* _YOUR ASSIGNMENT_
The records underneath are to be repeated exactly, with the pictures left out.

* _SUPPLIED RECORDS_
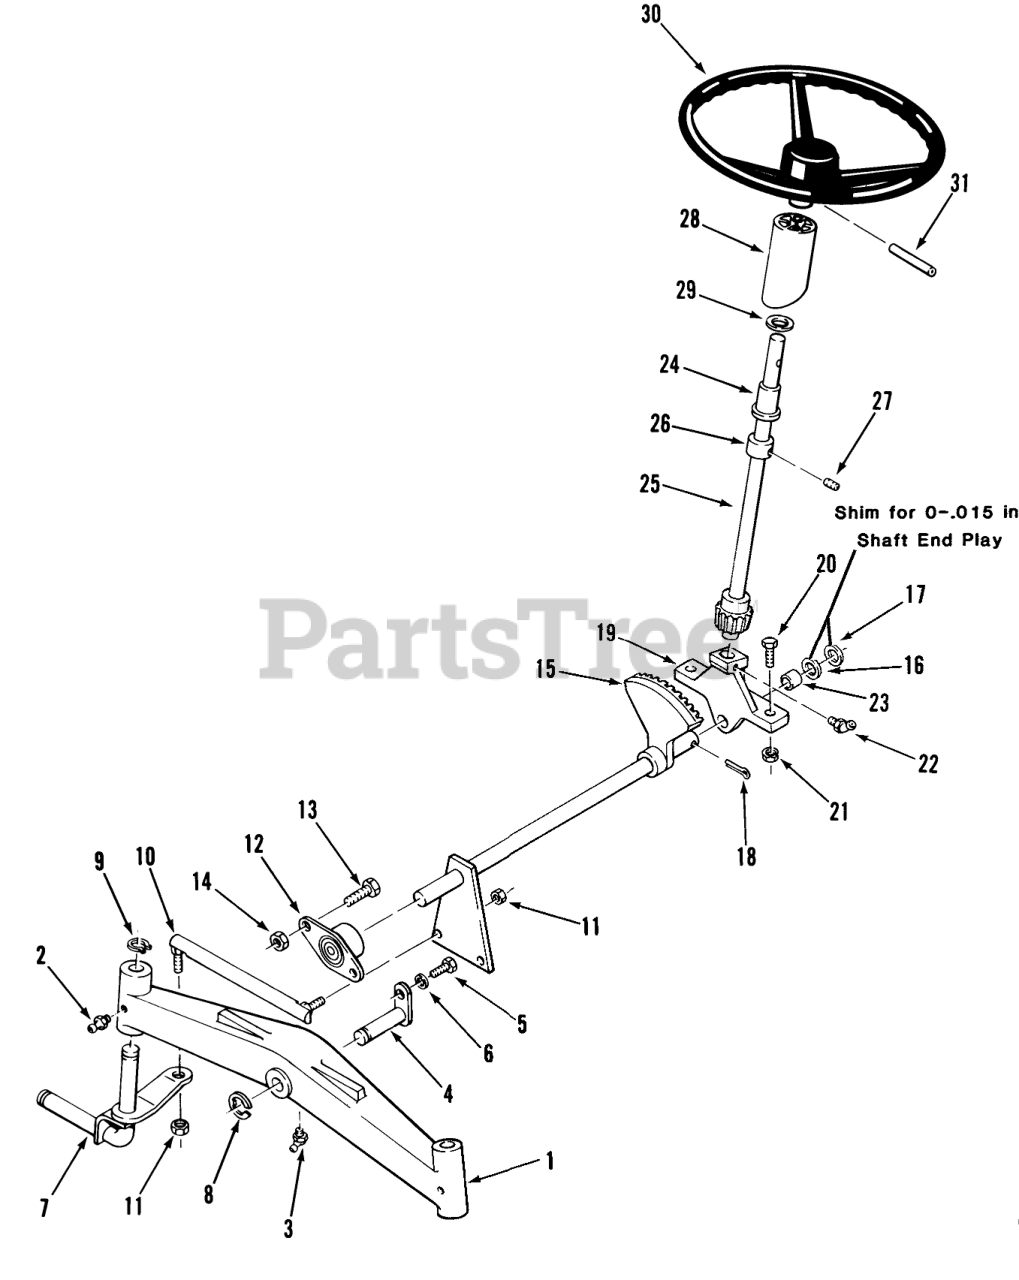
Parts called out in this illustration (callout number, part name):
1	AXLE-FRONT
2	Zerk
3	FITTING-GREASE
4	PIN AND PLATE ASM
5	H H C S
6	Lockwasher
7	Front Spindle RH
7	Front Spindle LH
8	E-RING
9	Snap Ring
10	Tie Rod RH
10	Tie Rod LH
11	NUT-6
12	BEARING-FLANGED
13	Bolt
14	Nut
15	Assy-Steering
16	WASHER-SHIM
17	WASHER
18	PIN-4
19	Support
20	BOLT
21	Nut
22	FITTING-GREASE
23	BEARING-BRONZE
24	BEARING-FLANGED
25	Shaft-Upper Steering
26	Collar
27	SCREW-SET
28	Collar
29	WASHER-BOWED
30	STEERING WH 13" PLAS
31	Pin-Roll
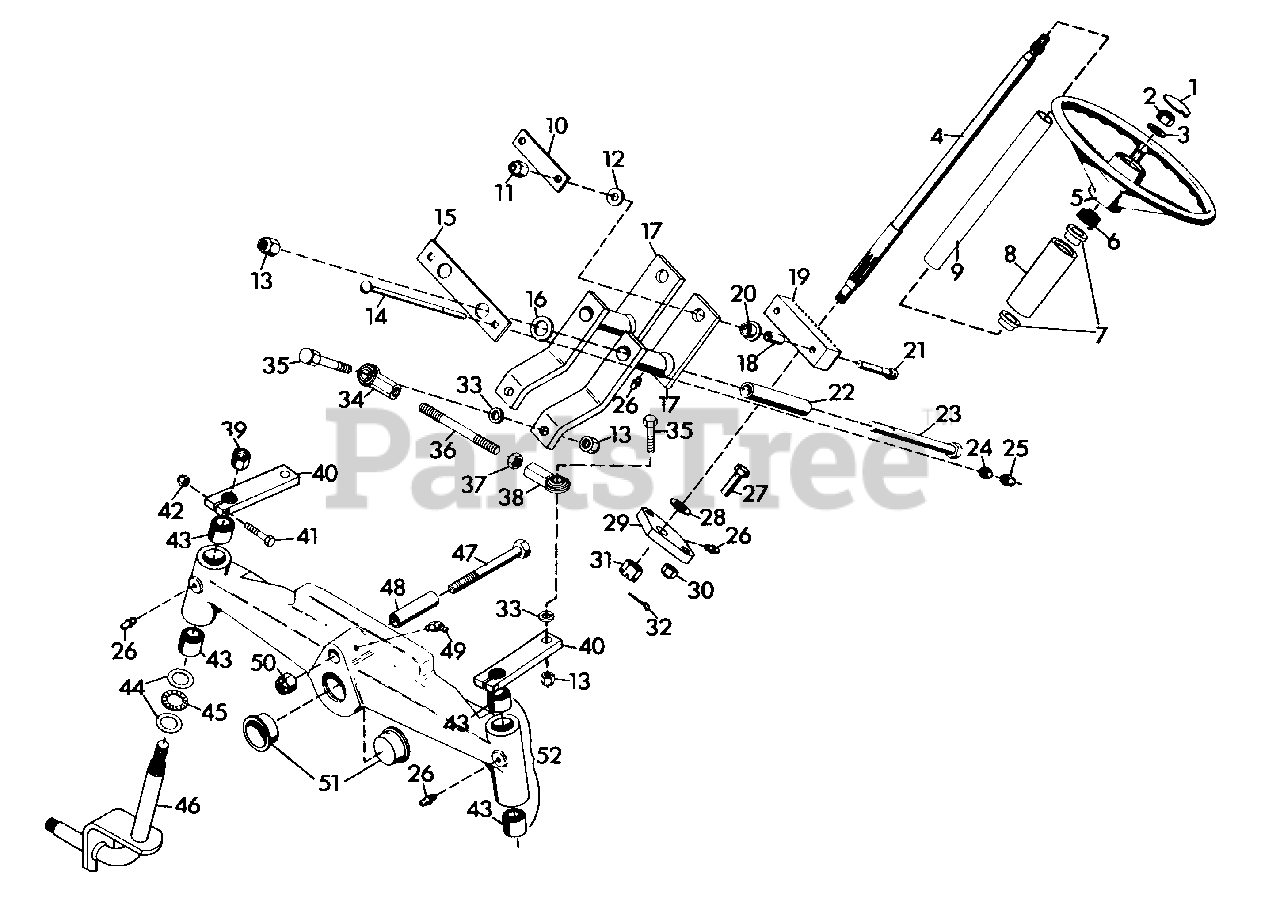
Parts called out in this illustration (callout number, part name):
1	CAP, STEERING WHEEL
2	NUT, JAM 5/8-11 HEX
3	WASHER, FLAT .656X1.312X.095
4	SHAFT, STEERING
5	WHEEL, STEERING
6	SPRING, COMPRESSION 1X.80X36 LB/IN
7	BUSHING, NYLON .760X1.000X.600 FLANGE
8	BUSHING, STEERING WHEEL
9	TUBE, PLASTIC 1.0 I.D.
10	STRAP, RACK AND PINION
11	NUT, LOCK 3/8-16
12	WASHER, FLAT .375X1.125X.065
13	NUT, LOCK 1/2-13
14	BOLT, 5/16-18X5.5 RD HD SQ NK
15	PLATE, ADJUSTMENT
16	RACE, BEARING THRUST .752X1.240X.095
17	WELDMENT, STEERING ARM
18	BUSHING, .391X.622X.670
19	GEAR, RACK
20	BEARING, FLANGE(P/M BRONZE)
21	SCREW, CAP 3/8-16X2.0 HEX SOCKET HD
22	SLEEVE, PIVOT
23	BOLT, HEX 1/2-13X6.0
24	NUT, HEX 5/16-18
25	NUT, LOCK 5/16-18
26	FITTING, LUBE 1/4-28
27	BOLT, HEX 7/16-14X1.5
28	RACE, THRUST
29	SUPPORT, STEERING SHAFT
30	NUT, LOCK 7/16-14
31	NUT, HEX 1/2-13 SLOTTED
32	PIN, COTTER .09X1.00
33	WASHER, LOCK 1/2 REG.
34	ROD END, STEERING L.H.
35	BOLT, HEX 1/2-13X2.00
36	TIE ROD, STEERING
37	NUT, JAM 1/2-20
38	ROD END, STEERING R.H.
39	NUT, HEX 5/8-11
40	ARM, TIE ROD AXLE
41	BOLT, HEX 5/16-24X1.75
42	NUT, LOCK 5/16-24
43	BUSHING, .877X1.004X1.0
44	RACE, BEARING THRUST
45	BEARING, NEEDLE THRUST
46	WELDMENT, KING PIN
47	BOLT, HEX 3/4-10X4.5
48	TUBE, AXLE PIVOT
49	FITTING, LUBE 45 DEG.
50	NUT, LOCK 3/4-10
51	CAP, FRONT AXLE
52	AXLE, STEERING
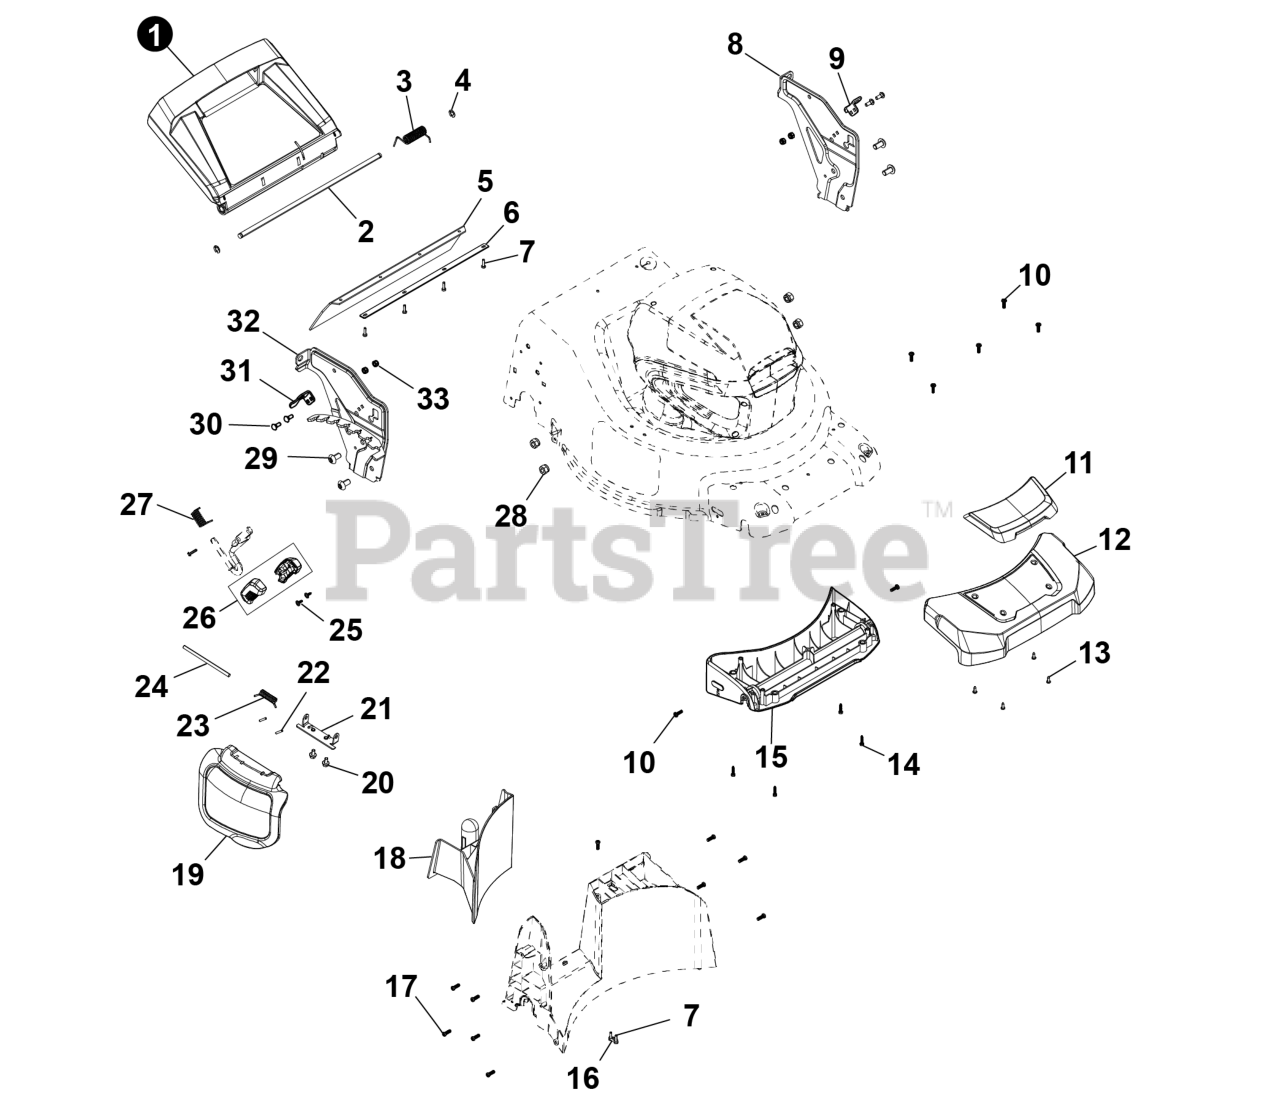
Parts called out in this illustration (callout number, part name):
1	DOOR, REAR
2	ROD,REAR DOOR
3	SPRING, TORSION
5	SHIELD, DEBRIS
6	PLATE, RETAINER
8	PLATE,LEFT HEIGHT ADJ.
9	PLATE,LEFT LATCH
11	COVER, DECORATIVE
12	COVER, FRONT
15	COVER,LOWER BUMPER
16	RETAINER
18	PLUG, MULCH
19	COVER, SIDE DISCHARGE
20	BOLT, FLANGE
21	BRACKET, SIDE DISCHARGE
22	SLEEVE, RUBBER
23	SPRING, TORSION
24	SHAFT, SIDE DISCHARGE
25	SCREW, PAN HEAD SELF TAP
26	HANDLE, HEIGHT ADJUSTMENT
27	SPRING, TORSION
28	NUT, NYLOC
31	PLATE,RIGHT LATCH
32	PLATE,RIGHT HEIGHT ADJ.
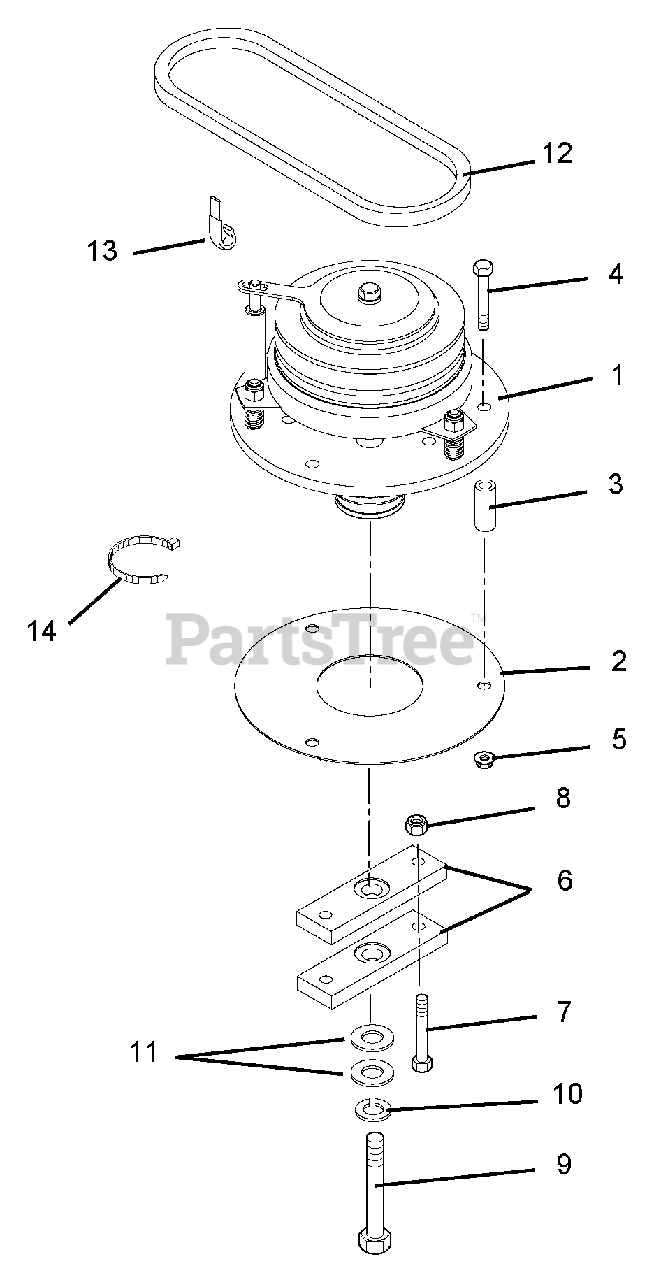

* _EXERCISE RESULT_
Parts called out in this illustration (callout number, part name):
1	AXLE-FRONT
2	Zerk
3	FITTING-GREASE
4	PIN AND PLATE ASM
5	H H C S
6	Lockwasher
7	Front Spindle RH
7	Front Spindle LH
8	E-RING
9	Snap Ring
10	Tie Rod RH
10	Tie Rod LH
11	NUT-6
12	BEARING-FLANGED
13	Bolt
14	Nut
15	Assy-Steering
16	WASHER-SHIM
17	WASHER
18	PIN-4
19	Support
20	BOLT
21	Nut
22	FITTING-GREASE
23	BEARING-BRONZE
24	BEARING-FLANGED
25	Shaft-Upper Steering
26	Collar
27	SCREW-SET
28	Collar
29	WASHER-BOWED
30	STEERING WH 13" PLAS
31	Pin-Roll
Parts called out in this illustration (callout number, part name):
1	CAP, STEERING WHEEL
2	NUT, JAM 5/8-11 HEX
3	WASHER, FLAT .656X1.312X.095
4	SHAFT, STEERING
5	WHEEL, STEERING
6	SPRING, COMPRESSION 1X.80X36 LB/IN
7	BUSHING, NYLON .760X1.000X.600 FLANGE
8	BUSHING, STEERING WHEEL
9	TUBE, PLASTIC 1.0 I.D.
10	STRAP, RACK AND PINION
11	NUT, LOCK 3/8-16
12	WASHER, FLAT .375X1.125X.065
13	NUT, LOCK 1/2-13
14	BOLT, 5/16-18X5.5 RD HD SQ NK
15	PLATE, ADJUSTMENT
16	RACE, BEARING THRUST .752X1.240X.095
17	WELDMENT, STEERING ARM
18	BUSHING, .391X.622X.670
19	GEAR, RACK
20	BEARING, FLANGE(P/M BRONZE)
21	SCREW, CAP 3/8-16X2.0 HEX SOCKET HD
22	SLEEVE, PIVOT
23	BOLT, HEX 1/2-13X6.0
24	NUT, HEX 5/16-18
25	NUT, LOCK 5/16-18
26	FITTING, LUBE 1/4-28
27	BOLT, HEX 7/16-14X1.5
28	RACE, THRUST
29	SUPPORT, STEERING SHAFT
30	NUT, LOCK 7/16-14
31	NUT, HEX 1/2-13 SLOTTED
32	PIN, COTTER .09X1.00
33	WASHER, LOCK 1/2 REG.
34	ROD END, STEERING L.H.
35	BOLT, HEX 1/2-13X2.00
36	TIE ROD, STEERING
37	NUT, JAM 1/2-20
38	ROD END, STEERING R.H.
39	NUT, HEX 5/8-11
40	ARM, TIE ROD AXLE
41	BOLT, HEX 5/16-24X1.75
42	NUT, LOCK 5/16-24
43	BUSHING, .877X1.004X1.0
44	RACE, BEARING THRUST
45	BEARING, NEEDLE THRUST
46	WELDMENT, KING PIN
47	BOLT, HEX 3/4-10X4.5
48	TUBE, AXLE PIVOT
49	FITTING, LUBE 45 DEG.
50	NUT, LOCK 3/4-10
51	CAP, FRONT AXLE
52	AXLE, STEERING
Parts called out in this illustration (callout number, part name):
1	DOOR, REAR
2	ROD,REAR DOOR
3	SPRING, TORSION
5	SHIELD, DEBRIS
6	PLATE, RETAINER
8	PLATE,LEFT HEIGHT ADJ.
9	PLATE,LEFT LATCH
11	COVER, DECORATIVE
12	COVER, FRONT
15	COVER,LOWER BUMPER
16	RETAINER
18	PLUG, MULCH
19	COVER, SIDE DISCHARGE
20	BOLT, FLANGE
21	BRACKET, SIDE DISCHARGE
22	SLEEVE, RUBBER
23	SPRING, TORSION
24	SHAFT, SIDE DISCHARGE
25	SCREW, PAN HEAD SELF TAP
26	HANDLE, HEIGHT ADJUSTMENT
27	SPRING, TORSION
28	NUT, NYLOC
31	PLATE,RIGHT LATCH
32	PLATE,RIGHT HEIGHT ADJ.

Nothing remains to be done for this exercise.